The pain was so intense that Girardelli considered giving up skiing. Then he heard about Mohamed Khalifa, an Egyptian nerve specialist who lives near Salzburg, Austria. "Khalifa can feel the nerves with his thumbs." says Girardelli. "When he treats me, it is as if he pulls a wire through my nerves." The treatments worked miraculously—though briefly—for the 1987 world championships at Crans-Montana in Switzerland. Girardelli won the gold in the combined, plus silvers in the Super G and the giant slalom. And he won the last World Cup race of the season (a GS in Sarajevo) in March. But the pain and the popping out continued during his postseason training, so in late April, he went to Steadman once more. This time he underwent a five-hour operation to stabilize his shoulder.

Girardelli says he's now without pain, and his skiing seems to indicate that. Though he had not won a World Cup race by early January, he had skied well in downhill training runs and had had good intermediate times in slalom races. As Calgary closes in, Girardelli and Switzerland's Pirmin Zurbriggen (page 46) are heading toward an across-the-board showdown. "Only Zurbriggen and I are in all events," says Girardelli. "The others are specialists." So, is there a chance that either you or Zurbriggen will win five gold medals? "No. It's the same for Zurbriggen as for me," Girardelli replies. "One event always suffers when you are doing so many." Is your goal to defeat Zurbriggen? "No.
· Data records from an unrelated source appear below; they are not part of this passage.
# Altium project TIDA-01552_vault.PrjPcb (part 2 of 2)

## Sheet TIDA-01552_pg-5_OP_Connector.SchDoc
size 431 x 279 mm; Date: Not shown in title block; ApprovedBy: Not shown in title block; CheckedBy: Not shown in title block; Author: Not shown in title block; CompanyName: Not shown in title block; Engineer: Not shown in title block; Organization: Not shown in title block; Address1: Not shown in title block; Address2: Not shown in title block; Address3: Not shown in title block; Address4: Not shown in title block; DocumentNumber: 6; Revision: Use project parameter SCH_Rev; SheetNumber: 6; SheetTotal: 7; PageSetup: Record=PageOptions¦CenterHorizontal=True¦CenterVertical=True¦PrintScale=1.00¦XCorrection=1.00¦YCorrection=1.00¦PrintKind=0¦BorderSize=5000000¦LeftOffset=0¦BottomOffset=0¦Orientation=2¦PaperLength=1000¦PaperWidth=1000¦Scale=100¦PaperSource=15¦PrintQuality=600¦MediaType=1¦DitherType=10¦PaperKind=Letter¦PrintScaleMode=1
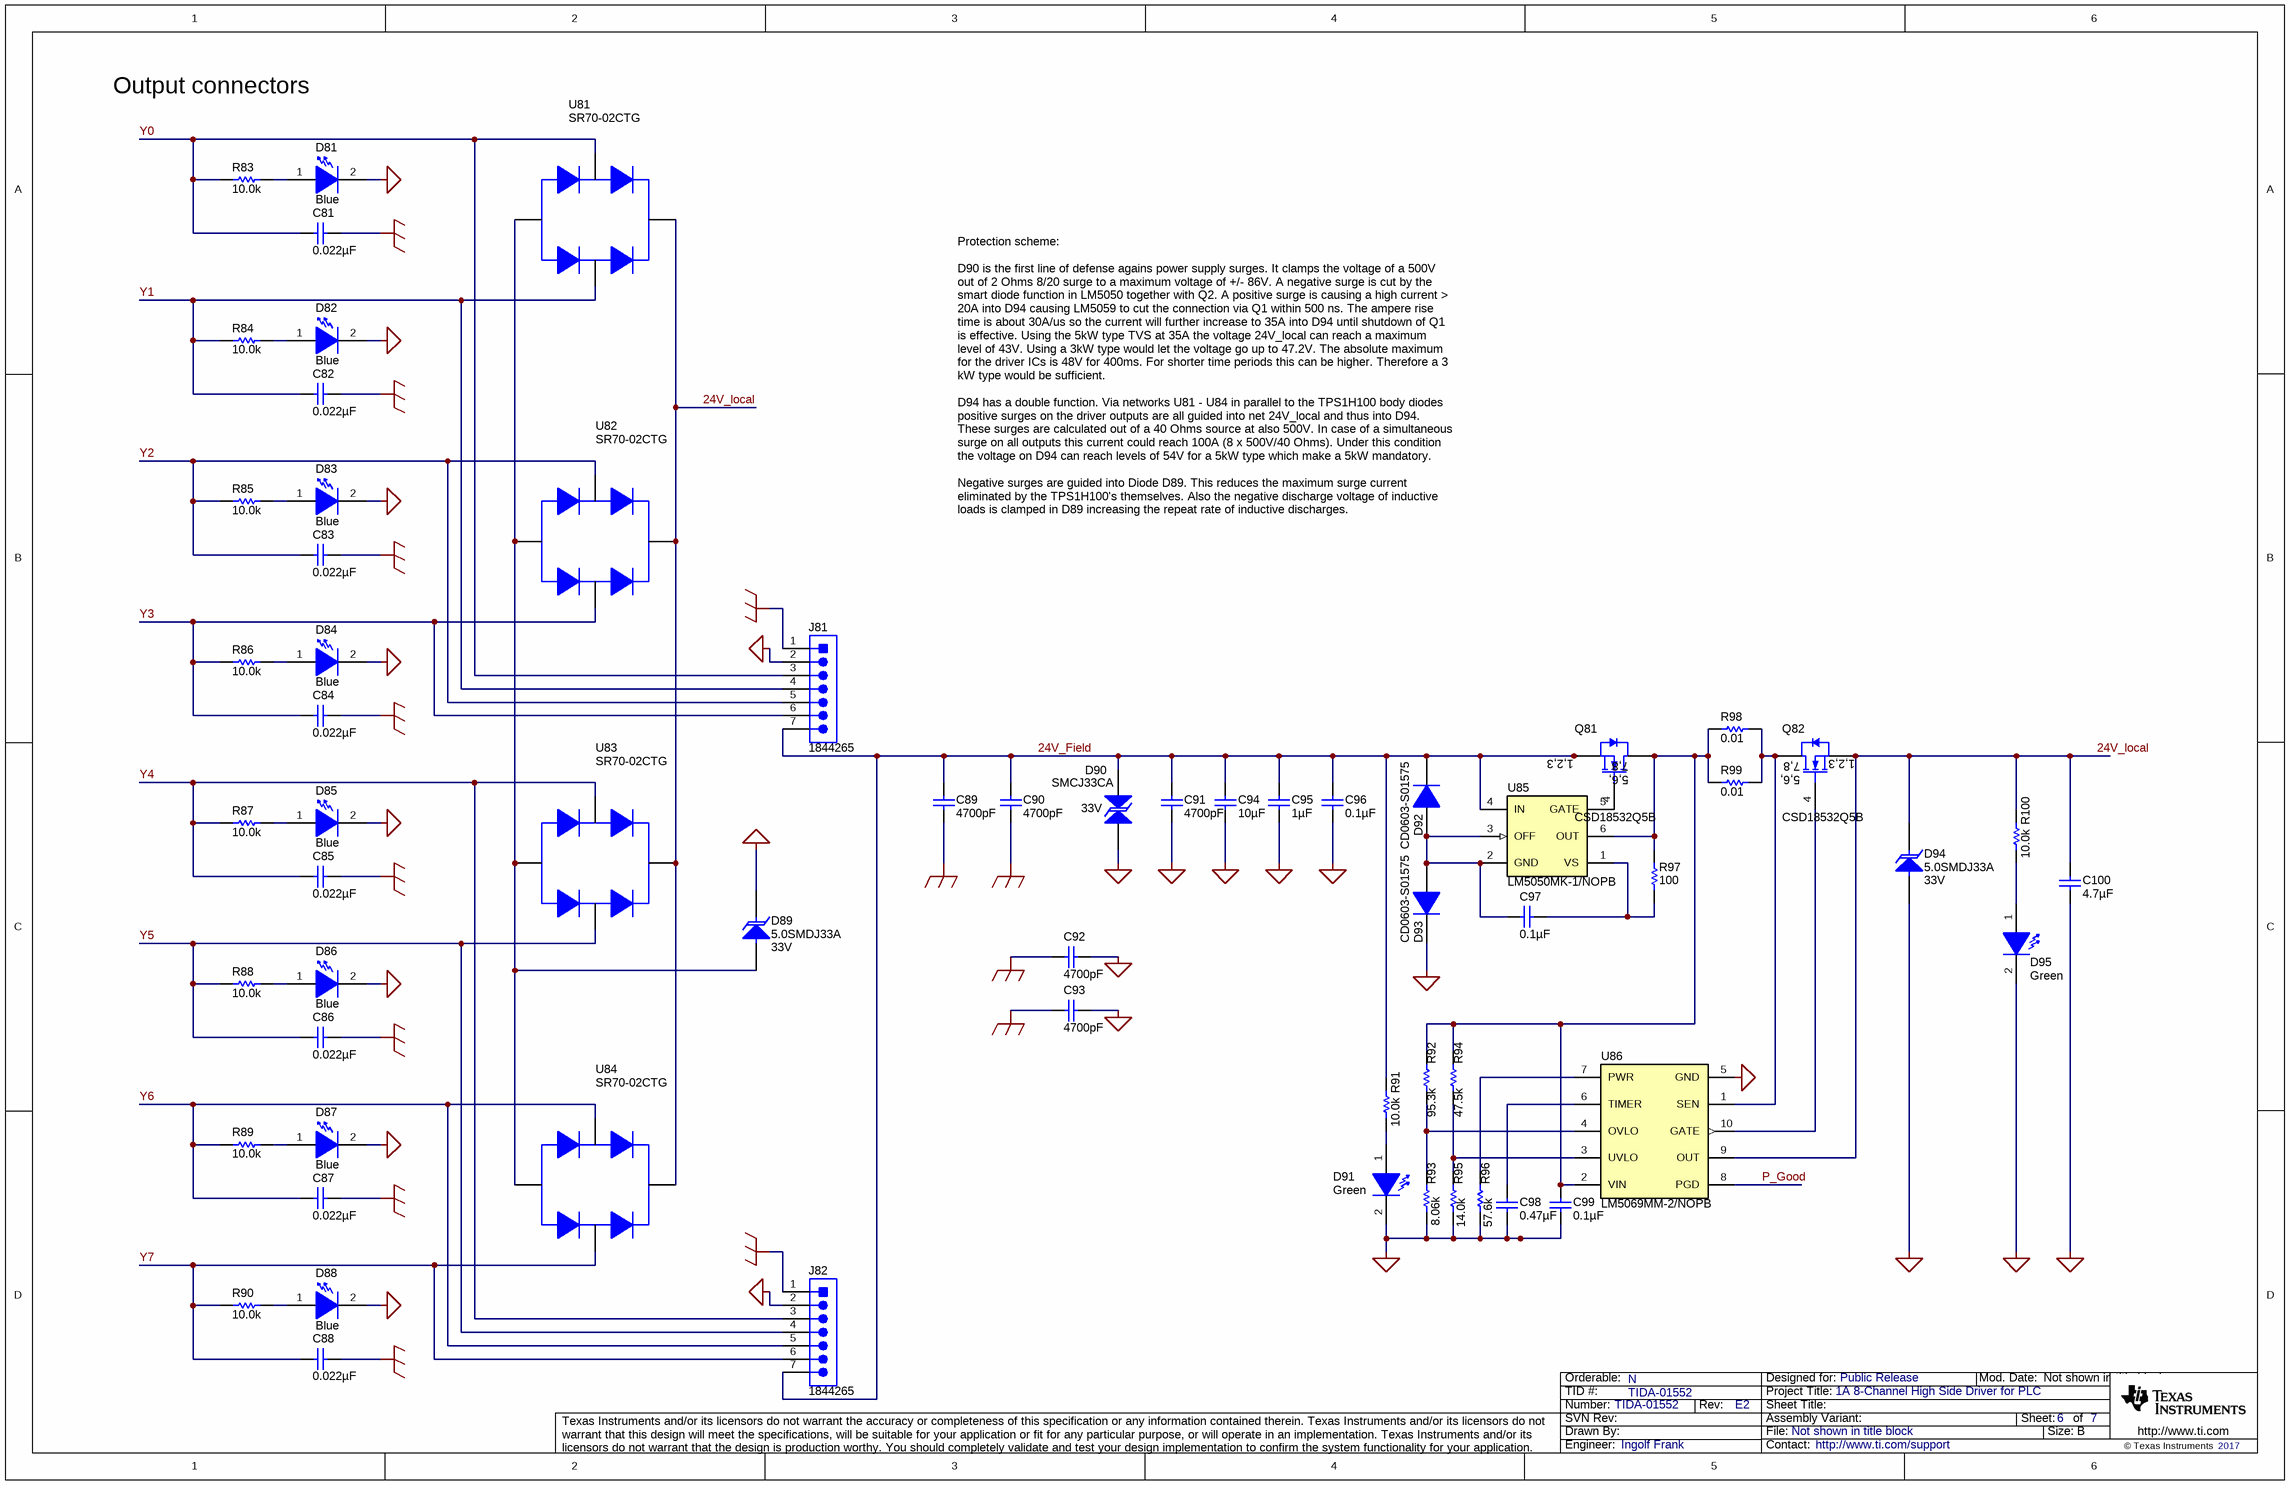
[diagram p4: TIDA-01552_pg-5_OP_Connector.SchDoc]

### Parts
C81  ValueDisplayed: 0.022µF  [0603]  (hidden comment: C1608X7R2A223K080AA)
C82  ValueDisplayed: 0.022µF  [0603]  (hidden comment: C1608X7R2A223K080AA)
C83  ValueDisplayed: 0.022µF  [0603]  (hidden comment: C1608X7R2A223K080AA)
C84  ValueDisplayed: 0.022µF  [0603]  (hidden comment: C1608X7R2A223K080AA)
C85  ValueDisplayed: 0.022µF  [0603]  (hidden comment: C1608X7R2A223K080AA)
C86  ValueDisplayed: 0.022µF  [0603]  (hidden comment: C1608X7R2A223K080AA)
C87  ValueDisplayed: 0.022µF  [0603]  (hidden comment: C1608X7R2A223K080AA)
C88  ValueDisplayed: 0.022µF  [0603]  (hidden comment: C1608X7R2A223K080AA)
C89  ValueDisplayed: 4700pF  [1812]  (hidden comment: 1812GC472KA1)
C90  ValueDisplayed: 4700pF  [1812]  (hidden comment: 1812GC472KA1)
C91  ValueDisplayed: 4700pF  [0805_HV]  (hidden comment: 08051C472KAT2A)
C92  ValueDisplayed: 4700pF  [1812]  (hidden comment: 1812GC472KA1)
C93  ValueDisplayed: 4700pF  [1812]  (hidden comment: 1812GC472KA1)
C94  ValueDisplayed: 10µF  [2220_250]  (hidden comment: C5750X7S2A106M230KB)
C95  ValueDisplayed: 1µF  [0805L]  (hidden comment: C2012X7S2A105K125AB)
C96  ValueDisplayed: 0.1µF  [0603]  (hidden comment: GRM188R72A104KA35D)
C97  ValueDisplayed: 0.1µF  [0603]  (hidden comment: GRM188R72A104KA35D)
C98  ValueDisplayed: 0.47µF  [0603]  (hidden comment: GRM188R71E474KA12D)
C99  ValueDisplayed: 0.1µF  [0603]  (hidden comment: GRM188R72A104KA35D)
C100  ValueDisplayed: 4.7µF  [1210_220]  (hidden comment: C3225X7S2A475K200AB)
D81  value Blue  [LB Q39G_BLUE]  (hidden comment: LB Q39G-L2N2-35-1)
D82  value Blue  [LB Q39G_BLUE]  (hidden comment: LB Q39G-L2N2-35-1)
D83  value Blue  [LB Q39G_BLUE]  (hidden comment: LB Q39G-L2N2-35-1)
D84  value Blue  [LB Q39G_BLUE]  (hidden comment: LB Q39G-L2N2-35-1)
D85  value Blue  [LB Q39G_BLUE]  (hidden comment: LB Q39G-L2N2-35-1)
D86  value Blue  [LB Q39G_BLUE]  (hidden comment: LB Q39G-L2N2-35-1)
D87  value Blue  [LB Q39G_BLUE]  (hidden comment: LB Q39G-L2N2-35-1)
D88  value Blue  [LB Q39G_BLUE]  (hidden comment: LB Q39G-L2N2-35-1)
D89  5.0SMDJ33A  value 33V  [SMC]
D90  SMCJ33CA  value 33V  [SMC]
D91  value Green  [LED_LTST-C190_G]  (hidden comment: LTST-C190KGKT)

I want to beat myself by doing better than ever before. Zurbriggen and I don't know each other well. It's difficult to have much of a liking for each other."

Whatever happens at Calgary, Girardelli's first Winter Games, the new citizen of Luxembourg is looking beyond ski racing. He's planning to enroll in a university to study advanced physics. "I would like to become an astronaut." he says, "but I am too old. At least they can find out what a man's body can endure." Many people think Girardelli has gone a long, long way toward doing that in his skiing career.